▶ Assignment: Print every line of the listing below, starting with the line that holds "line L6 (6.6, 48) -> (6.5, 48)" and going on through the line that holds "line L10 (2.4, 50.5) -> (2.5078, 50.5)", both included, and print nothing else.

▶ Supplied material:
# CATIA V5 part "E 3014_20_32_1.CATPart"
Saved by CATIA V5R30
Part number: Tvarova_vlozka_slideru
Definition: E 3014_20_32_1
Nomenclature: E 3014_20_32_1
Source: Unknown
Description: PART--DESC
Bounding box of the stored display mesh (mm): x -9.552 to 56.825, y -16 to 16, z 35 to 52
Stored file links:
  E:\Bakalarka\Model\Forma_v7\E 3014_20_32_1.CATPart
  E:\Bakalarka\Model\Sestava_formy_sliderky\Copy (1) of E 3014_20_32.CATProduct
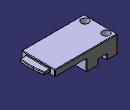
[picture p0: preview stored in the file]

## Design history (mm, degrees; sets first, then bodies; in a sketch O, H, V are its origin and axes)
Body1 "MANIFOLD_SOLID_BREP #135" (main body)
  Solid1: solid without history
  DatumCurve1 to DatumCurve4
  DatumSurface1
  DatumCurve5
  Sketch1 on face of Solid1, origin (0, 16, 0), H (-1, 0, 0), V (0, 0, 1)
    projected line E1 (-10, 30) -> (-10, 0) from edge of DatumCurve1
    projected line E2 (-10, 30) -> (-10, 20) from edge of DatumCurve1
    projected line E3 (-10, 30) -> (-15, 30) from edge of DatumCurve2
    projected line E4 (-15, 30) -> (-185, 30) from edge of DatumCurve3
    projected line E5 (-15, 30) -> (-20, 30) from edge of DatumCurve3
    projected line E6 (-20, 46) -> (-20, 30) from edge of DatumCurve4
    line L1 (-20, 52) -> (5, 52)
    line L2 (5, 52) -> (5, 20)
    line L3 (5, 20) -> (-10, 20)
    point P12 (-10, 20)
    reference projected line E7 (-40, 20) -> (18, 20) from edge [face of Solid1 | face of Solid1]
    line L4 (-20, 52) -> (-58, 52)
    line L5 (-58, 52) -> (-58, 46)
    line L6 (-58, 46) -> (-20, 46)
    point P15 (-20, 46)
    reference intersected line E8 through (0, 46) direction (1, 0) from face of DatumSurface1
    reference projected line E9 (-58, 48.4) -> (-58, 48.1) from edge of DatumCurve5
    distance L3 E7 = 0
    distance L1 L3 = 32
    distance L6 E8 = 0
    distance L5 E9 = 0
    distance L2 E6 = 25
    horizontal: L1 H, L3 H, L4 H, L6 H
    vertical: L2 V, L5 V
    coincidence: P12 E1, P15 E6
  Pad1: profile Sketch1, direction (0, -1, 0), up to face of Solid1
  Sketch2 on face of Solid1, origin (0, -16, 0), H (1, 0, 0), V (0, 0, 1)
    projected line E1 (10, 20) -> (40, 20) from edge [face of Solid1 | face of Solid1]
    projected line E2 (40, 0) -> (0, 0) from edge [face of Solid1 | face of Solid1]
    projected line E3 (40, 0) -> (10, 0) from edge [face of Solid1 | face of Solid1]
    point P3 (40, 0)
    projected line E4 (40, 20) -> (40, 0) from edge [face of Solid1 | face of Solid1]
    point P6 (40, 0)
    line L1 (10, 20) -> (10, 0)
    point P7 (10, 0)
    coincidence: P7 E2, P3 P6
    vertical: L1 V
  Pocket1: profile Sketch2, direction (0, 1, 0), up to face of Solid1
  DatumCurve6 to DatumCurve17
  Sketch3 on face of Pad1 from Sketch1.L5, origin (58, 0, 0), H (0, 1, 0), V (0, 0, 1)
    projected line E1 (-6.6, 50.5) -> (-11.4, 50.5) from edge of DatumCurve7
    projected line E2 (-11.5, 50.4036) -> (-11.5, 48.1) from edge of DatumCurve8
    projected line E3 (-11.4, 48) -> (-6.6, 48) from edge of DatumCurve9
    projected line E4 (-2.4, 48) -> (2.4, 48) from edge of DatumCurve10
    projected line E5 (-2.4, 50.5) -> (2.4, 50.5) from edge of DatumCurve12
    projected line E6 (6.5997, 50.5) -> (11.4, 50.5) from edge of DatumCurve15
    projected line E7 (11.5, 50.4052) -> (11.5, 48.1) from edge of DatumCurve16
    projected line E8 (6.6, 48) -> (11.4, 48) from edge of DatumCurve17
    line L1 (6.5997, 50.5) -> (6.5069, 50.5)
    line L2 (11.5, 50.4052) -> (11.5, 50.5)
    point P18 (11.5, 50.5)
    line L3 (11.4, 50.5) -> (11.5, 50.5)
    line L4 (11.5, 48.1) -> (11.5, 48)
    point P19 (11.5, 48)
    line L5 (11.4, 48) -> (11.5, 48)
    line L6 (6.6, 48) -> (6.5, 48)
    point P21 (2.5, 48)
    line L7 (2.4, 48) -> (2.5, 48)
    line L8 (-2.4, 48) -> (-2.5, 48)
    point P23 (-2.5, 50.5)
    line L9 (-2.4, 50.5) -> (-2.5, 50.5)
    line L10 (2.4, 50.5) -> (2.5078, 50.5)
    line L11 (-11.4, 50.5) -> (-11.5, 50.5)
    point P25 (-11.5, 50.5)
    line L12 (-11.5, 50.4036) -> (-11.5, 50.5)
    line L13 (-11.5, 48.1) -> (-11.5, 48)
    point P26 (-11.5, 48)
    line L14 (-11.4, 48) -> (-11.5, 48)
    line L15 (-6.6, 48) -> (-6.5, 48)
    projected line E9 (16, 52) -> (-16, 52) from edge [face of Pad1 from Sketch1.L4 | face of Pad1 from Sketch1.L5]
    projected line E10 (-16, 52) -> (-16, 46) from edge [face of Solid1 | face of Pad1 from Sketch1.L5]
    projected line E11 (16, 52) -> (16, 46) from edge [face of Pad1 from Sketch1.L5 | face of Solid1]
    projected line E12 (16, 46) -> (-16, 46) from edge [face of Pad1 from Sketch1.L5 | face of Pad1 from Sketch1.L6]
    line L16 (6.5069, 50.5) -> (2.5078, 50.5)
    line L17 (6.5, 48) -> (2.5, 48)
    line L18 (-2.5, 48) -> (-6.5, 48)
    line L19 (-2.5, 50.5) -> (-6.6, 50.5)
    horizontal: L1 H, L3 H, L5 H, L6 H, L7 H, L8 H, L9 H, L10 H, L11 H, L14 H, L15 H, L16 H, L17 H, L18 H, L19 H
    coincidence: P18 E6, P19 E8, P21 E4, P23 E5, P25 E2, P26 E3
    vertical: L2 V, L4 V, L12 V, L13 V
  Pocket2: profile Sketch3, direction (-1, 0, 0), length 8
  DatumCurve18
  DatumCurve19
  DatumSurface2
  DatumCurve20
  DatumSurface3
  DatumCurve21 to DatumCurve34
  DatumSurface4
  DatumCurve35 to DatumCurve44
  DatumSurface5
  DatumCurve45 to DatumCurve47
  DatumSurface6
  Plane1: type Offset, RefPlane DatumSurface6, Offset 0
  DatumCurve48 to DatumCurve60
  Sketch4 on Plane1, origin (0, 0, 48.4), H (1, 0, 0), V (0, 1, 0)
    arc A1 centre (-16.2646, -1.1882) radius 73.0936 from (56.7358, 2.5) to (56.8172, -2.5) cw
    point P9 (56.1948, -11.5)
    line L1 (55.776, 11.1736) -> (55.72, 11.5)
    arc A2 centre (-16.2646, -1.1882) radius 73.0936 from (55.776, 11.1736) to (56.4235, 6.5) cw
    point P13 (56.0979, -11.5)
    point P14 (56.6357, -6.5)
    arc A3 centre (-16.2646, -1.1882) radius 73.0936 from (56.6357, -6.5) to (56.0979, -11.5) cw
    construction line L2 (57.9, -6.5) -> (51, -6.5)
    construction line L3 (57.9, -11.5) -> (51, -11.5)
    construction arc A4 centre (-16.1657, -1.1745) radius 73.0936 from (55.4077, -16.0037) to (56.1948, -11.5) ccw
    point P16 (58, 6.5)
    point P18 (58, 6.5)
    point P22 (58, 11.5)
    point P24 (58, 11.5)
    point P26 (58, 2.5)
    point P28 (58, 2.5)
    point P33 (58, -2.5)
    point P34 (58, -2.5)
    point P36 (58, -6.5)
    point P38 (58, -6.5)
    point P43 (58, -11.5)
    point P44 (58, -11.5)
    construction line L4 (58, 6.5) -> (50, 6.5)
    line L5 (58, 6.5) -> (56.4235, 6.5)
    line L6 (58, 6.5) -> (58, 6.6)
    line L7 (58, 11.4) -> (58, 6.5997)
    line L8 (58, 11.5) -> (58, 11.4)
    construction line L9 (58, 11.5) -> (50, 11.5)
    line L10 (58, 11.5) -> (55.72, 11.5)
    construction line L11 (58, 2.5) -> (50, 2.5)
    line L12 (58, 2.5) -> (56.7358, 2.5)
    line L13 (58, 2.5) -> (58, 2.4)
    line L14 (58, 2.4) -> (58, -2.4)
    line L15 (58, -2.4) -> (58, -2.5)
    construction line L16 (58, -2.5) -> (50, -2.5)
    line L17 (58, -2.5) -> (56.8172, -2.5)
    construction line L18 (58, -6.5) -> (50, -6.5)
    line L19 (58, -6.5) -> (56.6357, -6.5)
    line L20 (58, -6.5) -> (58, -6.6)
    line L21 (58, -6.6) -> (58, -11.4)
    line L22 (58, -11.4) -> (58, -11.5)
    construction line L23 (58, -11.5) -> (50, -11.5)
    line L24 (58, -11.5) -> (56.0979, -11.5)
    radius A1 = 73.0936
    length L1 = 0.3312
    radius A1 = 73.0936 (reference)
    coincidence: P9 A4, L3 P13, A1 A2, L2 P14, A1 A3, P16 P18, P22 P24, P26 P28, P33 P34, P36 P38, P43 P44
    tangency: L1 A1
  Pocket3: profile Sketch4, direction (0, 0, 1), length 8
  Chamfer1: length 0.1, second length 2.1, on edge [face of Pocket3 from Sketch4.A1 | face of Pocket2 from Sketch3.E5]
  Chamfer2: length 0.1, second length 2.1, on edge [face of Pocket3 from Sketch4.A2 | face of Pocket2 from Sketch3.E6]
  Chamfer3: length 0.1, second length 2.1, on edge [face of Pocket3 from Sketch4.A3 | face of Pocket2 from Sketch3.E1]
  Fillet1: radius 0.5, on edge [face of Pad1 from Sketch1.L4 | end face of Pocket2]; edge [face of Solid1 | end face of Pocket2] (x2); edge [face of Pad1 from Sketch1.L6 | end face of Pocket2]; edge [face of Pad1 from Sketch1.L4 | face of Solid1]; face of Pad1 from Sketch1.L4; edge [face of Solid1 | face of Pad1 from Sketch1.L6]; edge [face of Solid1 | face of Pad1 from Sketch1.E6]; edge [face of Pad1 from Sketch1.L6 | face of Solid1]; edge [face of Pad1 from Sketch1.L6 | face of Pad1 from Sketch1.E6]; edge [face of Pad1 from Sketch1.E6 | face of Solid1]; edge [face of Pad1 from Sketch1.E6 | face of Pad1 from Sketch1.E5]; edge [face of Pad1 from Sketch1.E5 | face of Solid1] (x2); edge [face of Pad1 from Sketch1.E3 | face of Pad1]; edge [face of Pad1 | face of Solid1]; edge [face of Solid1 | face of Solid1] (x2); edge [face of Solid1 | face of Pad1] (x2); edge [face of Pad1 from Sketch1.L2 | face of Solid1] (x2)
  Fillet2: radius 0.5, on edge [end face of Pocket2 | face of Pocket2 from Sketch3.E8]
  Body2 "Result of DrillHole"
    Solid2: linked copy from another document
  Assemble1 "DrillHoleCapScrew_E1200_1.1": tool Body2
  Body3 "Result of DrillHole"
    Solid3: linked copy from another document
  Assemble2 "DrillHoleCapScrew_E1200_1.2": tool Body3
  Body4 "Result of DrillHole"
    Solid4: linked copy from another document
  Assemble3 "DrillHoleCapScrew_E1200_2.1": tool Body4
  Body5 "Result of DrillHole"
    Solid5: linked copy from another document
  Assemble4 "DrillHoleCapScrew_E1200_2.2": tool Body5
  Fillet3: radius 0.5, on edge [face of Solid1 | face of Solid1] (x2)
  DatumCurve61 to DatumCurve64
  Sketch5 on face of Pocket2 from Sketch3.L17, origin (0, 0, 48), H (1, 0, 0), V (0, -1, 0)
    projected arc E1 centre (-16.1657, 1.6745) radius 72.9938 from (56.816, 3) to (56.6335, 7) ccw from edge of DatumCurve61
    projected arc E2 centre (-16.1657, 1.6745) radius 72.9938 from (56.094, 12) to (55.31, 16.4835) ccw from edge of DatumCurve62
    projected arc E3 centre (-16.1657, 1.6745) radius 72.9938 from (56.4235, -6) to (56.7355, -2) ccw from edge of DatumCurve63
    point P6 (56.7355, -2)
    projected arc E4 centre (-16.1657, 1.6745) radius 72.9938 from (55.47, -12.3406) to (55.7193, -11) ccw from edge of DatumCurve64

▶ Response below:
    line L6 (6.6, 48) -> (6.5, 48)
    point P21 (2.5, 48)
    line L7 (2.4, 48) -> (2.5, 48)
    line L8 (-2.4, 48) -> (-2.5, 48)
    point P23 (-2.5, 50.5)
    line L9 (-2.4, 50.5) -> (-2.5, 50.5)
    line L10 (2.4, 50.5) -> (2.5078, 50.5)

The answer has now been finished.